DESCRIPTION OF THE TASK:
Some lines in the listing may contain the word "subcontext". Say how many, with the number alone.

THE DATA:
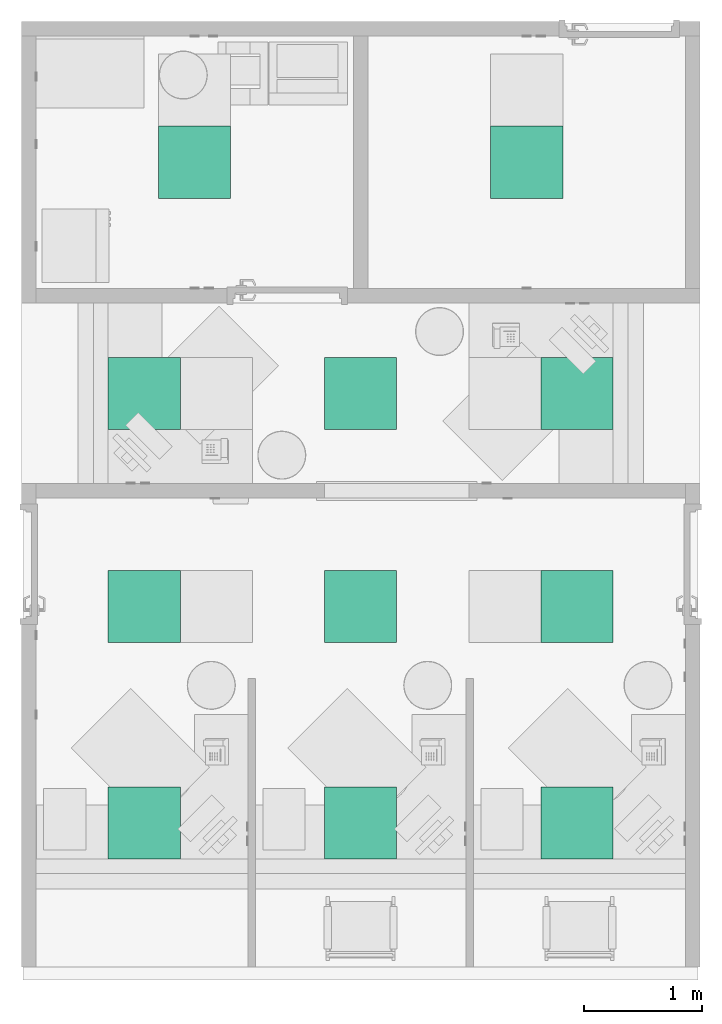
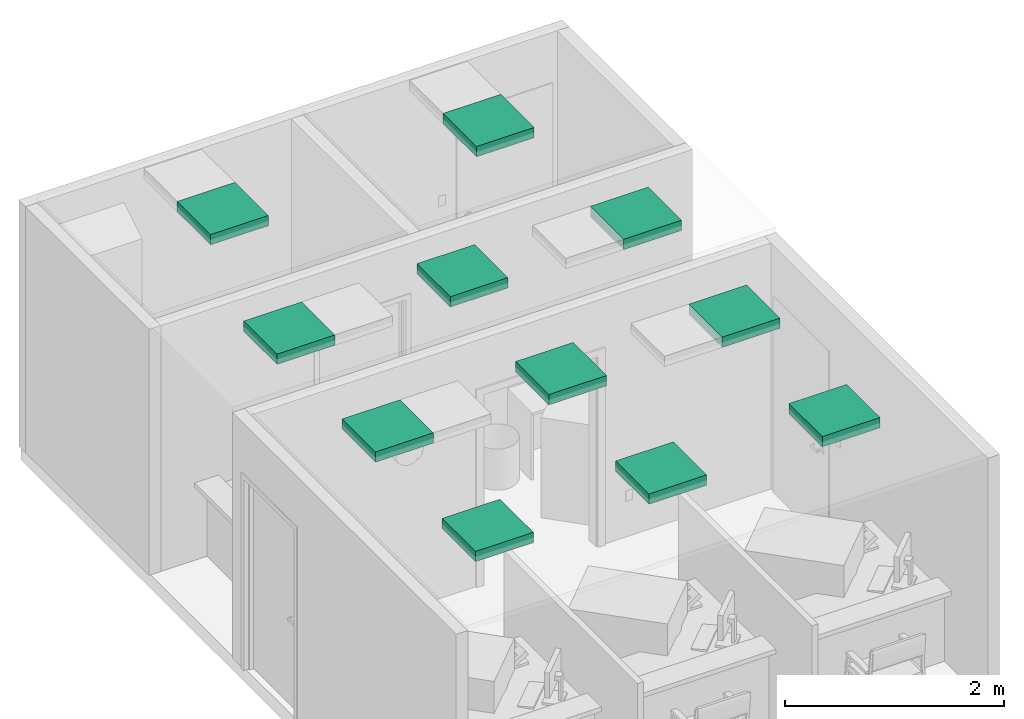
# One storey, part 6 of 20: 11 flow terminals.
"""IFC2X3 building model written with IfcOpenShell, lengths in feet."""

from ifc_helpers import new_model, entity, si_unit, converted_unit, derived_unit, direction, frame, origin, origin_2d_with_axis, place, context, subcontext, project, spatial, rectangle, extrude, source, transform, mapped, type_object, type_shapes, element, save


model = new_model("IFC2X3")

# Units and contexts
model_context = context("Model", 3, precision=0.0001, world=origin(), true_north=direction((6.12303176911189e-17, 1.0)))
body_context = subcontext(model_context, "Body", "Model", "MODEL_VIEW")
ifc_project = project(units=[converted_unit("LENGTHUNIT", "FOOT", entity("IfcRatioMeasure", 0.3048), si_unit("LENGTHUNIT", "METRE"), dimensions=[1, 0, 0, 0, 0, 0, 0]), converted_unit("AREAUNIT", "SQUARE FOOT", entity("IfcRatioMeasure", 0.09290304), si_unit("AREAUNIT", "SQUARE_METRE"), dimensions=[2, 0, 0, 0, 0, 0, 0]), converted_unit("VOLUMEUNIT", "CUBIC FOOT", entity("IfcRatioMeasure", 0.028316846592), si_unit("VOLUMEUNIT", "CUBIC_METRE"), dimensions=[3, 0, 0, 0, 0, 0, 0]), converted_unit("PLANEANGLEUNIT", "DEGREE", entity("IfcRatioMeasure", 0.0174532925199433), si_unit("PLANEANGLEUNIT", "RADIAN"), dimensions=[0, 0, 0, 0, 0, 0, 0]), si_unit("MASSUNIT", "GRAM", prefix="KILO"), derived_unit("MASSDENSITYUNIT", [(si_unit("MASSUNIT", "GRAM", prefix="KILO"), 1), (si_unit("LENGTHUNIT", "METRE"), -3)]), si_unit("TIMEUNIT", "SECOND"), si_unit("FREQUENCYUNIT", "HERTZ"), si_unit("THERMODYNAMICTEMPERATUREUNIT", "DEGREE_CELSIUS"), derived_unit("THERMALTRANSMITTANCEUNIT", [(si_unit("MASSUNIT", "GRAM", prefix="KILO"), 1), (si_unit("THERMODYNAMICTEMPERATUREUNIT", "KELVIN"), -1), (si_unit("TIMEUNIT", "SECOND"), -3)]), derived_unit("VOLUMETRICFLOWRATEUNIT", [(si_unit("LENGTHUNIT", "METRE"), 3), (si_unit("TIMEUNIT", "SECOND"), -1)]), si_unit("ELECTRICCURRENTUNIT", "AMPERE"), si_unit("ELECTRICVOLTAGEUNIT", "VOLT"), si_unit("POWERUNIT", "WATT"), si_unit("FORCEUNIT", "NEWTON"), si_unit("ILLUMINANCEUNIT", "LUX"), si_unit("LUMINOUSFLUXUNIT", "LUMEN"), si_unit("LUMINOUSINTENSITYUNIT", "CANDELA"), derived_unit("USERDEFINED", [(si_unit("MASSUNIT", "GRAM", prefix="KILO"), -1), (si_unit("LENGTHUNIT", "METRE"), -2), (si_unit("TIMEUNIT", "SECOND"), 3), (si_unit("LUMINOUSFLUXUNIT", "LUMEN"), 1)]), derived_unit("LINEARVELOCITYUNIT", [(si_unit("LENGTHUNIT", "METRE"), 1), (si_unit("TIMEUNIT", "SECOND"), -1)]), si_unit("PRESSUREUNIT", "PASCAL"), derived_unit("USERDEFINED", [(si_unit("LENGTHUNIT", "METRE"), -2), (si_unit("MASSUNIT", "GRAM", prefix="KILO"), 1), (si_unit("TIMEUNIT", "SECOND"), -2)])], contexts=[model_context])

# Site, building, storey, space
site_placement = place(None, origin())
site = spatial("IfcSite", under=ifc_project, at=site_placement, Name="Default", CompositionType="ELEMENT")
building_placement = place(site_placement, origin())
building = spatial("IfcBuilding", under=site, at=building_placement, Name="OUTPATIENT / PACT CLINIC (Ch. 265)", CompositionType="ELEMENT")
storey_placement = place(building_placement, origin())
storey = spatial("IfcBuildingStorey", under=building, at=storey_placement, Name="DATUM", CompositionType="ELEMENT", Elevation=0.0)
space_1_placement = place(storey_placement, origin())
space_1 = spatial("IfcSpace", under=storey, at=space_1_placement, Name="RCP03", CompositionType="ELEMENT", InteriorOrExteriorSpace="INTERNAL")

# Flow terminal
light_fixture_type = type_object("IfcLightFixtureType", Name="2'x2'", PredefinedType="NOTDEFINED")
shared_shape = source(origin(), body_context, "Body", "SweptSolid", [
    extrude(rectangle(XDim=2.00000000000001, YDim=2.0, at=origin_2d_with_axis()), frame((-0.0613631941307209, -0.195098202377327, 8.0), z_axis=(0.0, 0.0, 1.0), x_axis=(-1.0, 0.0, 0.0)), (0.0, 0.0, 1.0), 0.375),
])
type_shapes(light_fixture_type, [shared_shape])
flow_terminal_1_placement = place(space_1_placement, frame((59.3254766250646, -863.729741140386, 1.0)))
element("IfcFlowTerminal", 1, at=flow_terminal_1_placement, inside=space_1, type_object=light_fixture_type, Name="Troffer Light:2'x2'", ObjectType="2'x2'", context=body_context, shape_type="MappedRepresentation", body=[
    mapped(shared_shape, transform((0.0, 0.0, 0.0), scale=1.0)),
])

# Space
space_2_placement = place(storey_placement, origin())
space_2 = spatial("IfcSpace", under=storey, at=space_2_placement, CompositionType="ELEMENT", InteriorOrExteriorSpace="INTERNAL")

# Flow terminal
flow_terminal_2_placement = place(space_2_placement, frame((60.7239141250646, -845.417241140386, 1.0)))
element("IfcFlowTerminal", 2, at=flow_terminal_2_placement, inside=space_2, type_object=light_fixture_type, Name="Troffer Light:2'x2'", ObjectType="2'x2'", context=body_context, shape_type="MappedRepresentation", body=[
    mapped(shared_shape, transform((0.0, 0.0, 0.0), scale=1.0)),
])

# Space
space_3_placement = place(storey_placement, origin())
space_3 = spatial("IfcSpace", under=storey, at=space_3_placement, CompositionType="ELEMENT", InteriorOrExteriorSpace="INTERNAL")

# Flow terminals
flow_terminal_3_placement = place(space_3_placement, frame((69.9270391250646, -845.417241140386, 1.0)))
element("IfcFlowTerminal", 3, at=flow_terminal_3_placement, inside=space_3, type_object=light_fixture_type, Name="Troffer Light:2'x2'", ObjectType="2'x2'", context=body_context, shape_type="MappedRepresentation", body=[
    mapped(shared_shape, transform((0.0, 0.0, 0.0), scale=1.0)),
])
for number, where in (
    (4, (65.3254766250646, -863.729741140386, 1.0)),
    (5, (71.3254766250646, -863.729741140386, 1.0)),
    (6, (59.3254766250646, -857.729741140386, 1.0)),
    (7, (65.3254766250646, -857.729741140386, 1.0)),
    (8, (71.3254766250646, -857.729741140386, 1.0)),
):
    element("IfcFlowTerminal", number, at=place(space_1_placement, frame(where)), inside=space_1, type_object=light_fixture_type, Name="Troffer Light:2'x2'", ObjectType="2'x2'", context=body_context, shape_type="MappedRepresentation", body=[
        mapped(shared_shape, transform((0.0, 0.0, 0.0), scale=1.0)),
    ])

# Space
space_4_placement = place(storey_placement, origin())
space_4 = spatial("IfcSpace", under=storey, at=space_4_placement, CompositionType="ELEMENT", InteriorOrExteriorSpace="INTERNAL")

# Flow terminals
for number, where in (
    (9, (65.3254766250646, -851.823491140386, 1.0)),
    (10, (59.3254766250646, -851.823491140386, 1.0)),
    (11, (71.3254766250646, -851.823491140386, 1.0)),
):
    element("IfcFlowTerminal", number, at=place(space_4_placement, frame(where)), inside=space_4, type_object=light_fixture_type, Name="Troffer Light:2'x2'", ObjectType="2'x2'", context=body_context, shape_type="MappedRepresentation", body=[
        mapped(shared_shape, transform((0.0, 0.0, 0.0), scale=1.0)),
    ])

save(model, "model.ifc")

WORKED SOLUTION:
2